▶ Problem statement
An exact copy of every record below is needed, with all pictures removed.

-------- Data to use --------

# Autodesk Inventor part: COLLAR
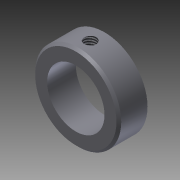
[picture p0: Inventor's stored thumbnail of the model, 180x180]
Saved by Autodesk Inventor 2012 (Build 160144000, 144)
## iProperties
Shininess: 64.0
Length Units: 11272
Angle Units: 11279
Time Units: 11290
Mass Units: 11286
Length Display Precision: 3
Angle Display Precision: 2
Compacted: True
Part Number: COLLAR
Document SubType Name: Modeling
Created: 2003-11
Designer: Autodesk, Inc.
Manufacturer: Standard
Standards Organization: Custom
Mass: 25.9974 g
Surface Area: 21.2895 cm^2
Volume: 3.30755 cm^3
Density: 7.86 g/cm^3
Material: Steel, Mild
Density: 0.0
Volumn: 0.0
Area: 0.0
PropertySet Name: Model Information
Control State: 0
Master: False
Checked Out: False
Author: Autodesk, Inc.
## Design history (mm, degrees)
sketch "Sketch1"
  geometry: C1 r 14.287 at (0, 0); C2 r 9.525 at (0, 0); 1 further point
  constraints: 2 centre point, 2 coincident
  dimensions: "d0" = 28.575 diameter of C1; "d1" = 19.05 diameter of C2
extrude "Extrusion1" new body sketch "Sketch1" distance "d2" = 9.525; taper "d3" = 0 deg
chamfer "Chamfer1" distance "d4" = 0.7874; stored, may be unused: second distance "d5" = 3.175, angle "d16" = 45 deg
sketch "Sketch3"
  geometry: L1 (-14.287, 0)-(14.287, 0) reference; L2 (14.287, 8.738)-(-14.287, 8.738) reference; L3 (14.287, 0)-(14.287, 8.738) reference; L4 (-14.287, 0)-(-14.287, 8.738) reference; L5 (0, 0)-(0, 8.738); 1 further point
  constraints: 2 end point, 2 midpoint, 1 point on line
  dimensions: "d8" = 4.7625 distance from line of L1 point (0, 4.763)
hole "Hole1" sketch "Sketch3" at (0, 4.763) diameter "d9" = 3.9624; stored, may be unused: countersink angle "d13" = 82 deg, drill point angle "d15" = 118 deg; dims "d10" = 12.7, "d11" = 9.525, "d12" = 6.35, "d14" = 19.05
body "Solid1"

--------

▶ Response
# Autodesk Inventor part: COLLAR
[picture p0: Inventor's stored thumbnail of the model, 180x180]
Saved by Autodesk Inventor 2012 (Build 160144000, 144)
## iProperties
Shininess: 64.0
Length Units: 11272
Angle Units: 11279
Time Units: 11290
Mass Units: 11286
Length Display Precision: 3
Angle Display Precision: 2
Compacted: True
Part Number: COLLAR
Document SubType Name: Modeling
Created: 2003-11
Designer: Autodesk, Inc.
Manufacturer: Standard
Standards Organization: Custom
Mass: 25.9974 g
Surface Area: 21.2895 cm^2
Volume: 3.30755 cm^3
Density: 7.86 g/cm^3
Material: Steel, Mild
Density: 0.0
Volumn: 0.0
Area: 0.0
PropertySet Name: Model Information
Control State: 0
Master: False
Checked Out: False
Author: Autodesk, Inc.
## Design history (mm, degrees)
sketch "Sketch1"
  geometry: C1 r 14.287 at (0, 0); C2 r 9.525 at (0, 0); 1 further point
  constraints: 2 centre point, 2 coincident
  dimensions: "d0" = 28.575 diameter of C1; "d1" = 19.05 diameter of C2
extrude "Extrusion1" new body sketch "Sketch1" distance "d2" = 9.525; taper "d3" = 0 deg
chamfer "Chamfer1" distance "d4" = 0.7874; stored, may be unused: second distance "d5" = 3.175, angle "d16" = 45 deg
sketch "Sketch3"
  geometry: L1 (-14.287, 0)-(14.287, 0) reference; L2 (14.287, 8.738)-(-14.287, 8.738) reference; L3 (14.287, 0)-(14.287, 8.738) reference; L4 (-14.287, 0)-(-14.287, 8.738) reference; L5 (0, 0)-(0, 8.738); 1 further point
  constraints: 2 end point, 2 midpoint, 1 point on line
  dimensions: "d8" = 4.7625 distance from line of L1 point (0, 4.763)
hole "Hole1" sketch "Sketch3" at (0, 4.763) diameter "d9" = 3.9624; stored, may be unused: countersink angle "d13" = 82 deg, drill point angle "d15" = 118 deg; dims "d10" = 12.7, "d11" = 9.525, "d12" = 6.35, "d14" = 19.05
body "Solid1"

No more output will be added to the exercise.